The Sandbox areas were allocated by program. If you have questions about your program's space, please see your group lead. New Sandbox space must be allocated with JGI management approval.
DnA (Data n' Archive)¶
DnA is a 1PB GPFS based file system for the JGI's archive, shared databases and project directories.
|DnA Projects||DnA Shared||DnA DM Archive|
|Quota||5TB default||Defined by agreement with the JGI Management||Defined by agreement with the JGI Management|
|Backups||Daily, only for projectdirs with quota <= 5TB||Backed up by JAMO||Backed up by JAMO|
|Files are not automatically purged||Files are not automatically purged||Purge policy set by users of the JAMO system||Files are not automatically purged|
The intention of the DnA "Project" and "Shared" space is to be a place for data that is needed by multiple people collaborating on a project to allow for easy access for data sharing. The "Project" space is owned and managed by the JGI. The "Shared" space is a collaborative effort between the JGI and NERSC.
If you would like a project directory, please use the Project Directory Request Form.
The "DM Archive" is a data repository maintained by the JAMO system. Files are stored here during migration using the JAMO system. The files can remain in this space for as long as the user specifies. Any file that is in the "DM Archive" has also been placed in the HPSS tape archive. This section of the file system is owned by the JGI data management team.

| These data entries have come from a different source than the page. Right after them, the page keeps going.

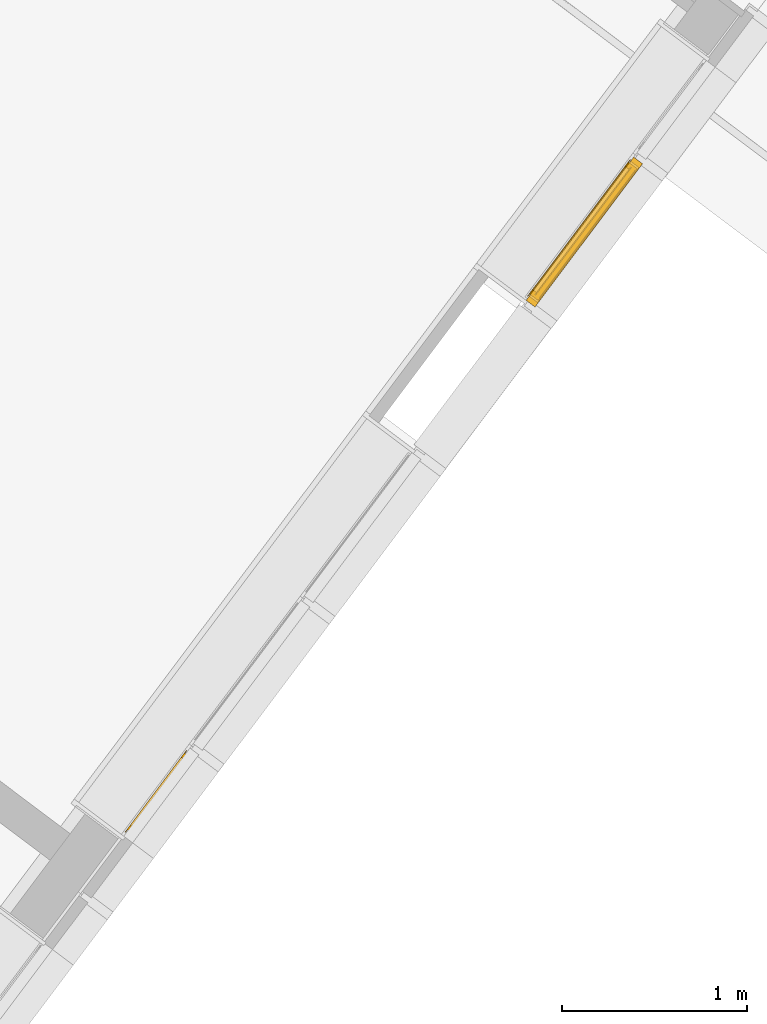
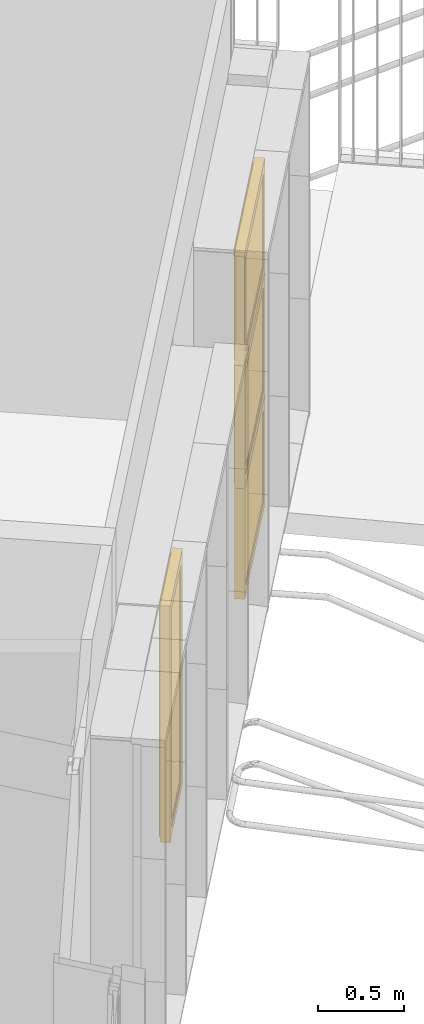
# One storey, part 228 of 243: 4 windows, 1 element without a shape of its own.
"""IFC2X3 building model written with IfcOpenShell, lengths in metres."""

from ifc_helpers import new_model, entity, si_unit, converted_unit, derived_unit, direction, frame, origin, place, context, subcontext, project, spatial, faceted_brep, source, transform, mapped, material, material_list, type_object, type_shapes, element, aggregate, save


model = new_model("IFC2X3")

# Units and contexts
model_context = context("Model", 3, precision=1e-05, world=origin(), true_north=direction((6.123031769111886e-17, 1.0)))
body_context = subcontext(model_context, "Body", "Model", "MODEL_VIEW")
ifc_project = project(units=[si_unit("LENGTHUNIT", "METRE"), si_unit("AREAUNIT", "SQUARE_METRE"), si_unit("VOLUMEUNIT", "CUBIC_METRE"), converted_unit("PLANEANGLEUNIT", "DEGREE", entity("IfcRatioMeasure", 0.017453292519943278), si_unit("PLANEANGLEUNIT", "RADIAN"), dimensions=[0, 0, 0, 0, 0, 0, 0]), si_unit("MASSUNIT", "GRAM", prefix="KILO"), derived_unit("MASSDENSITYUNIT", [(si_unit("MASSUNIT", "GRAM", prefix="KILO"), 1), (si_unit("LENGTHUNIT", "METRE"), -3)]), derived_unit("IONCONCENTRATIONUNIT", [(si_unit("MASSUNIT", "GRAM", prefix="KILO"), 1), (si_unit("LENGTHUNIT", "METRE"), -3)]), derived_unit("MOMENTOFINERTIAUNIT", [(si_unit("LENGTHUNIT", "METRE"), 4)]), si_unit("TIMEUNIT", "SECOND"), si_unit("FREQUENCYUNIT", "HERTZ"), si_unit("THERMODYNAMICTEMPERATUREUNIT", "DEGREE_CELSIUS"), derived_unit("THERMALTRANSMITTANCEUNIT", [(si_unit("MASSUNIT", "GRAM", prefix="KILO"), 1), (si_unit("THERMODYNAMICTEMPERATUREUNIT", "KELVIN"), -1), (si_unit("TIMEUNIT", "SECOND"), -3)]), derived_unit("THERMALCONDUCTANCEUNIT", [(si_unit("MASSUNIT", "GRAM", prefix="KILO"), 1), (si_unit("THERMODYNAMICTEMPERATUREUNIT", "KELVIN"), -1), (si_unit("TIMEUNIT", "SECOND"), -3), (si_unit("LENGTHUNIT", "METRE"), 1)]), derived_unit("VOLUMETRICFLOWRATEUNIT", [(si_unit("LENGTHUNIT", "METRE"), 3), (si_unit("TIMEUNIT", "SECOND"), -1)]), derived_unit("MASSFLOWRATEUNIT", [(si_unit("MASSUNIT", "GRAM", prefix="KILO"), 1), (si_unit("TIMEUNIT", "SECOND"), -1)]), derived_unit("ROTATIONALFREQUENCYUNIT", [(si_unit("TIMEUNIT", "SECOND"), -1)]), si_unit("ELECTRICCURRENTUNIT", "AMPERE"), si_unit("ELECTRICVOLTAGEUNIT", "VOLT"), si_unit("POWERUNIT", "WATT"), si_unit("FORCEUNIT", "NEWTON", prefix="KILO"), si_unit("ILLUMINANCEUNIT", "LUX"), si_unit("LUMINOUSFLUXUNIT", "LUMEN"), si_unit("LUMINOUSINTENSITYUNIT", "CANDELA"), derived_unit("USERDEFINED", [(si_unit("MASSUNIT", "GRAM", prefix="KILO"), -1), (si_unit("LENGTHUNIT", "METRE"), -2), (si_unit("TIMEUNIT", "SECOND"), 3), (si_unit("LUMINOUSFLUXUNIT", "LUMEN"), 1)]), derived_unit("USERDEFINED", [(si_unit("MASSUNIT", "GRAM", prefix="KILO"), 1), (si_unit("TIMEUNIT", "SECOND"), -3), (si_unit("LENGTHUNIT", "METRE"), 3), (si_unit("ELECTRICCURRENTUNIT", "AMPERE"), -2)]), derived_unit("SOUNDPOWERUNIT", [(si_unit("MASSUNIT", "GRAM", prefix="KILO"), 1), (si_unit("TIMEUNIT", "SECOND"), -3), (si_unit("LENGTHUNIT", "METRE"), 2)]), derived_unit("SOUNDPRESSUREUNIT", [(si_unit("MASSUNIT", "GRAM", prefix="KILO"), 1), (si_unit("LENGTHUNIT", "METRE"), -1), (si_unit("TIMEUNIT", "SECOND"), -2)]), derived_unit("LINEARVELOCITYUNIT", [(si_unit("LENGTHUNIT", "METRE"), 1), (si_unit("TIMEUNIT", "SECOND"), -1)]), si_unit("PRESSUREUNIT", "PASCAL"), derived_unit("USERDEFINED", [(si_unit("MASSUNIT", "GRAM", prefix="KILO"), 1), (si_unit("LENGTHUNIT", "METRE"), -2), (si_unit("TIMEUNIT", "SECOND"), -2)]), derived_unit("LINEARFORCEUNIT", [(si_unit("MASSUNIT", "GRAM", prefix="KILO"), 1), (si_unit("TIMEUNIT", "SECOND"), -2)]), derived_unit("PLANARFORCEUNIT", [(si_unit("MASSUNIT", "GRAM", prefix="KILO"), 1), (si_unit("LENGTHUNIT", "METRE"), -1), (si_unit("TIMEUNIT", "SECOND"), -2)]), derived_unit("SPECIFICHEATCAPACITYUNIT", [(si_unit("THERMODYNAMICTEMPERATUREUNIT", "KELVIN"), -1), (si_unit("LENGTHUNIT", "METRE"), 2), (si_unit("TIMEUNIT", "SECOND"), -2)]), derived_unit("HEATINGVALUEUNIT", [(si_unit("LENGTHUNIT", "METRE"), 2), (si_unit("TIMEUNIT", "SECOND"), -2)]), derived_unit("VAPORPERMEABILITYUNIT", [(si_unit("LENGTHUNIT", "METRE"), -1), (si_unit("TIMEUNIT", "SECOND"), 1)]), derived_unit("DYNAMICVISCOSITYUNIT", [(si_unit("MASSUNIT", "GRAM", prefix="KILO"), 1), (si_unit("TIMEUNIT", "SECOND"), -1), (si_unit("LENGTHUNIT", "METRE"), -1)]), derived_unit("THERMALEXPANSIONCOEFFICIENTUNIT", [(si_unit("THERMODYNAMICTEMPERATUREUNIT", "KELVIN"), -1)]), derived_unit("MODULUSOFELASTICITYUNIT", [(si_unit("MASSUNIT", "GRAM", prefix="KILO"), 1), (si_unit("LENGTHUNIT", "METRE"), -1), (si_unit("TIMEUNIT", "SECOND"), -2)]), derived_unit("ISOTHERMALMOISTURECAPACITYUNIT", [(si_unit("LENGTHUNIT", "METRE"), 3), (si_unit("MASSUNIT", "GRAM", prefix="KILO"), -1)]), derived_unit("MOISTUREDIFFUSIVITYUNIT", [(si_unit("TIMEUNIT", "SECOND"), -1), (si_unit("LENGTHUNIT", "METRE"), 2)])], contexts=[model_context])

# Site, building, storey
site_placement = place(None, frame((0.0, 0.0, 235.0), z_axis=(0.0, 0.0, 1.0), x_axis=(-0.7996477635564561, 0.6004693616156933, 0.0)))
site = spatial("IfcSite", under=ifc_project, at=site_placement, Name="Default", CompositionType="ELEMENT")
building_placement = place(site_placement, origin())
building = spatial("IfcBuilding", under=site, at=building_placement, CompositionType="ELEMENT")
storey_placement = place(building_placement, origin())
storey = spatial("IfcBuildingStorey", under=building, at=storey_placement, Name="P0- Escola", CompositionType="ELEMENT", Elevation=0.0)

# Curtain wall, windows
curtain_wall_type = type_object("IfcCurtainWallType", Name="Muro cortina:MC- EXT- MC2", PredefinedType="NOTDEFINED")
curtain_wall_placement = place(storey_placement, origin())
curtain_wall = element("IfcCurtainWall", 1, at=curtain_wall_placement, inside=storey, type_object=curtain_wall_type, Name="Muro cortina:MC- EXT- MC2", ObjectType="Muro cortina:MC- EXT- MC2")
ifc_material_1 = material(Name="_Vidre")
ifc_material_2 = material(Name="_Alumini- T1- Perfil")
ifc_material_list = material_list([ifc_material_1, ifc_material_2])
window_style_1 = type_object("IfcWindowStyle", Name="MC- Alu- Conjunt vidre fix- 62x60 cm:MC- Alu- Conjunt vidre fix- 62x60 cm", ConstructionType="NOTDEFINED", OperationType="NOTDEFINED", ParameterTakesPrecedence=False, Sizeable=False, material=ifc_material_list)
shared_shape_1 = source(origin(), body_context, "Body", "Brep", [
    faceted_brep([(0.4358113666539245, -0.007600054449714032, 0.048806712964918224), (0.4358113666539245, -0.03160022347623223, 0.048806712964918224), (-0.4358113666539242, -0.03160022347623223, 0.048806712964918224), (-0.4358113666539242, -0.007600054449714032, 0.048806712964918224), (0.4358113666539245, -0.007600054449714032, 0.7387000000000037), (-0.4358113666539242, -0.007600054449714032, 0.7387000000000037), (-0.4358113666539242, -0.03160022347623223, 0.7387000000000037), (0.4358113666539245, -0.03160022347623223, 0.7387000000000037)], [[[0, 1, 2, 3]], [[4, 0, 3, 5]], [[5, 3, 2, 6]], [[6, 2, 1, 7]], [[7, 1, 0, 4]], [[4, 5, 6, 7]]]),
    faceted_brep([(0.48461807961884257, -0.05999999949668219, 0.7877000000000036), (0.48461807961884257, -0.05999999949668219, 0.0), (0.48461807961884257, 0.0, 0.0), (0.48461807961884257, 0.0, 0.7877000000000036), (-0.48461807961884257, 0.0, 0.7877000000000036), (-0.48461807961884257, 0.0, 0.0), (0.42181126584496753, 0.0, 0.7248931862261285), (-0.4218112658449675, 0.0, 0.7248931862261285), (-0.42181126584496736, 0.0, 0.06280681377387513), (0.42181126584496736, 0.0, 0.06280681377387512), (-0.48461807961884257, -0.05999999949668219, 0.0), (-0.48461807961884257, -0.05999999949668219, 0.7877000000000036), (-0.4218141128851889, -0.05999999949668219, 0.72489603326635), (0.4218141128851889, -0.05999999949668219, 0.72489603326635), (0.4218141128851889, -0.05999999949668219, 0.0628039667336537), (-0.4218141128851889, -0.05999999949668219, 0.0628039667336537), (0.42181411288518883, -0.03160022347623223, 0.7248960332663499), (0.4218141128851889, -0.03160022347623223, 0.0628039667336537), (-0.4218141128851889, -0.03160022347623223, 0.0628039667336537), (-0.4218141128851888, -0.03160022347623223, 0.7248960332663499), (-0.43581136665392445, -0.03160022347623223, 0.7388932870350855), (0.43581136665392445, -0.03160022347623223, 0.7388932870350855), (0.43581136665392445, -0.03160022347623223, 0.048806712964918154), (-0.43581136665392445, -0.03160022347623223, 0.04880671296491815), (0.43581136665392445, -0.007600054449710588, 0.7388932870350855), (0.43581136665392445, -0.007600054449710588, 0.04880671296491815), (-0.43581136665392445, -0.007600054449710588, 0.048806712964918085), (-0.43581136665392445, -0.007600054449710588, 0.7388932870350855), (-0.4218112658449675, -0.007600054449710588, 0.7248931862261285), (0.4218112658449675, -0.007600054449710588, 0.7248931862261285), (0.4218112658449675, -0.007600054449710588, 0.06280681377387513), (-0.4218112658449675, -0.007600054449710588, 0.06280681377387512)], [[[0, 1, 2, 3]], [[4, 3, 2, 5], [6, 7, 8, 9]], [[1, 10, 5, 2]], [[0, 11, 10, 1], [12, 13, 14, 15]], [[16, 17, 14, 13]], [[17, 18, 15, 14]], [[16, 19, 18, 17], [20, 21, 22, 23]], [[24, 25, 22, 21]], [[25, 26, 23, 22]], [[24, 27, 26, 25], [28, 29, 30, 31]], [[6, 9, 30, 29]], [[9, 8, 31, 30]], [[10, 11, 4, 5]], [[18, 19, 12, 15]], [[26, 27, 20, 23]], [[8, 7, 28, 31]], [[11, 0, 3, 4]], [[19, 16, 13, 12]], [[27, 24, 21, 20]], [[7, 6, 29, 28]]], outer=[[True], [True, False], [True], [True, False], [True], [True], [False, True], [True], [True], [True, False], [True], [True], [True], [True], [True], [True], [True], [True], [True], [True]]),
])
type_shapes(window_style_1, [shared_shape_1])
window_1_placement = place(curtain_wall_placement, frame((28.345147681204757, -35.91480983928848, 0.03229999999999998), z_axis=(0.0, 0.0, 1.0), x_axis=(0.0, 1.0, 0.0)))
window_1 = element("IfcWindow", 2, at=window_1_placement, type_object=window_style_1, material=ifc_material_list, Name="MC- Alu- Conjunt vidre fix- 62x60 cm:MC- Alu- Conjunt vidre fix- 62x60 cm", ObjectType="MC- Alu- Conjunt vidre fix- 62x60 cm:MC- Alu- Conjunt vidre fix- 62x60 cm", OverallHeight=0.7877000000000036, OverallWidth=0.9692361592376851, context=body_context, shape_type="MappedRepresentation", body=[
    mapped(shared_shape_1, transform((0.0, 0.0, 0.0), scale=1.0)),
])
window_style_2 = type_object("IfcWindowStyle", Name="MC- Alu- Conjunt finestra basculant- 68x68 cm:MC- Alu- Conjunt finestra basculant- 68x68 cm", ConstructionType="NOTDEFINED", OperationType="NOTDEFINED", ParameterTakesPrecedence=False, Sizeable=False, material=ifc_material_list)
shared_shape_2 = source(origin(), body_context, "Body", "Brep", [
    faceted_brep([(0.2461617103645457, -0.03559830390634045, 0.051999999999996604), (-0.24616171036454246, -0.0355983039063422, 0.051999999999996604), (-0.24616171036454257, -0.011598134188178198, 0.051999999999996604), (0.24616171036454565, -0.011598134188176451, 0.051999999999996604), (0.2461617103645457, -0.03559830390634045, 1.6315527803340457), (0.24616171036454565, -0.011598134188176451, 1.6315527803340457), (-0.24616171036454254, -0.011598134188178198, 1.6315527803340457), (-0.24616171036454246, -0.0355983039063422, 1.6315527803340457)], [[[0, 1, 2, 3]], [[4, 0, 3, 5]], [[5, 3, 2, 6]], [[6, 2, 1, 7]], [[7, 1, 0, 4]], [[4, 5, 6, 7]]]),
    faceted_brep([(-0.2304608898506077, -0.009998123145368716, 1.615851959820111), (-0.23046088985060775, -0.009998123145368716, 0.06789804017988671), (-0.23046088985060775, -0.007998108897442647, 0.06789804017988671), (-0.23046088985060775, -0.007998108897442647, 1.6158519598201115), (-0.25935893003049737, -0.007998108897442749, 1.644750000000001), (0.2593589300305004, -0.007998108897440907, 1.644750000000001), (0.2593589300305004, -0.007998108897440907, 0.03899999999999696), (-0.25935893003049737, -0.007998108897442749, 0.03899999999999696), (0.2304608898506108, -0.007998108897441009, 1.6158519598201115), (0.2304608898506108, -0.007998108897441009, 0.06789804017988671), (0.2304608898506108, -0.00999812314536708, 0.06789804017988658), (0.23046088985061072, -0.00999812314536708, 1.615851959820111), (0.24616171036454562, -0.009998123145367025, 1.6315527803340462), (-0.24616171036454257, -0.009998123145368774, 1.6315527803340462), (-0.24616171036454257, -0.009998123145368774, 0.05219721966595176), (0.24616171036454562, -0.009998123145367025, 0.05219721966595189), (-0.24616171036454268, -0.040799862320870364, 1.6315527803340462), (-0.24616171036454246, -0.04079986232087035, 0.05219721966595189), (0.24616171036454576, -0.04079986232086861, 0.05219721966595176), (0.24616171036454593, -0.04079986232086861, 1.6315527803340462), (0.2304608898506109, -0.040799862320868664, 1.6158519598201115), (-0.23046088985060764, -0.0407998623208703, 1.6158519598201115), (-0.23046088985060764, -0.0407998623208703, 0.06789804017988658), (0.2304608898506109, -0.040799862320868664, 0.06789804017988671), (-0.23046088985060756, -0.06800005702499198, 1.6158519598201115), (-0.23046088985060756, -0.06800005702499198, 0.06789804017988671), (0.23046088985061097, -0.06800005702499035, 0.06789804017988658), (0.230460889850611, -0.06800005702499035, 1.6158519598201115), (0.2768628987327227, -0.0680000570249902, 1.662253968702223), (-0.27686289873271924, -0.06800005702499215, 1.662253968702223), (-0.27686289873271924, -0.06800005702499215, 0.021496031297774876), (0.2768628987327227, -0.0680000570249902, 0.021496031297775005), (-0.27686289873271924, -0.06450003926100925, 1.662253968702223), (-0.27686289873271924, -0.06450003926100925, 0.021496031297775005), (0.2768628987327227, -0.06450003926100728, 0.021496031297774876), (0.2768628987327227, -0.06450003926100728, 1.662253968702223), (0.25935893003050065, -0.06450003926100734, 1.644750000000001), (-0.25935893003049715, -0.06450003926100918, 1.644750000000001), (-0.25935893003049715, -0.06450003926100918, 0.03899999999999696), (0.25935893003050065, -0.06450003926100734, 0.03899999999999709)], [[[0, 1, 2, 3]], [[4, 5, 6, 7], [8, 3, 2, 9]], [[1, 10, 9, 2]], [[0, 11, 10, 1], [12, 13, 14, 15]], [[16, 17, 14, 13]], [[17, 18, 15, 14]], [[16, 19, 18, 17], [20, 21, 22, 23]], [[24, 25, 22, 21]], [[25, 26, 23, 22]], [[24, 27, 26, 25], [28, 29, 30, 31]], [[32, 33, 30, 29]], [[33, 34, 31, 30]], [[32, 35, 34, 33], [36, 37, 38, 39]], [[4, 7, 38, 37]], [[7, 6, 39, 38]], [[10, 11, 8, 9]], [[18, 19, 12, 15]], [[26, 27, 20, 23]], [[34, 35, 28, 31]], [[6, 5, 36, 39]], [[11, 0, 3, 8]], [[19, 16, 13, 12]], [[27, 24, 21, 20]], [[35, 32, 29, 28]], [[5, 4, 37, 36]]], outer=[[True], [True, False], [True], [False, True], [True], [True], [True, False], [True], [True], [False, True], [True], [True], [True, False], [True], [True], [True], [True], [True], [True], [True], [True], [True], [True], [True], [True]]),
    faceted_brep([(0.23544318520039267, 0.0, 1.6209431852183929), (0.2354431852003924, 0.0, 0.06280681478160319), (0.2354431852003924, -0.0040000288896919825, 0.06280681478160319), (0.23544318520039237, -0.0040000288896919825, 1.6209431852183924), (-0.23544318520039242, -0.0040000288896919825, 1.6209431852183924), (-0.2354431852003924, -0.0040000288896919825, 0.06280681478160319), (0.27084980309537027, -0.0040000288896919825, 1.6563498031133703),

Each user has a "scratch" directory. Scratch directories are NOT backed up and files are purged if they have not been accessed for 90 days. Access your scratch directory with the environment variable "$SCRATCH" for example:
Scratch environment variables:
|Environment Variable||Value||NERSC Systems|
|$SCRATCH||Best-connected file system||All NERSC computational systems|
|$CSCRATCH||/global/cscratch[1,2,3]/sd/$username||Cori and Edison|
$BSCRATCH points to your projectb scratch space if you have a BSCRATCH allocation. $SCRATCH will always point to the best-connected scratch space available for the NERSC machine you are accessing. For example, on Denovo $SCRATCH will point to $BSCRATCH, whereas on Cori $SCRATCH will point to $CSCRATCH.
The intention of scratch space is for staging, running, and completing your calculations on NERSC systems. Thus these filesystems are designed to allow wide-scale file reading and writing from many compute nodes. The scratch filesystems are not intended for long-term file storage or archival, and thus data is not backed-up, and files not accessed for 90 days will be automatically purged.
Policies for $SCRATCH are described at NERSC Data Management Policy.
Other file systems¶
Other file systems used by JGI may also be mounted on NERSC systems:
- SeqFS - file system used exclusively by the Illumina sequencers, SDM and Instrumentation groups at the JGI.
- /usr/common - is a file system where NERSC staff build software for user applications. This is the principal site for the modular software installations.
- /global/project - is a GPFS based file system that is accessible on almost all of NERSC's other compute systems used by all the other NERSC users. The projectdir portion of projectb should be favored by JGI users instead of /global/project.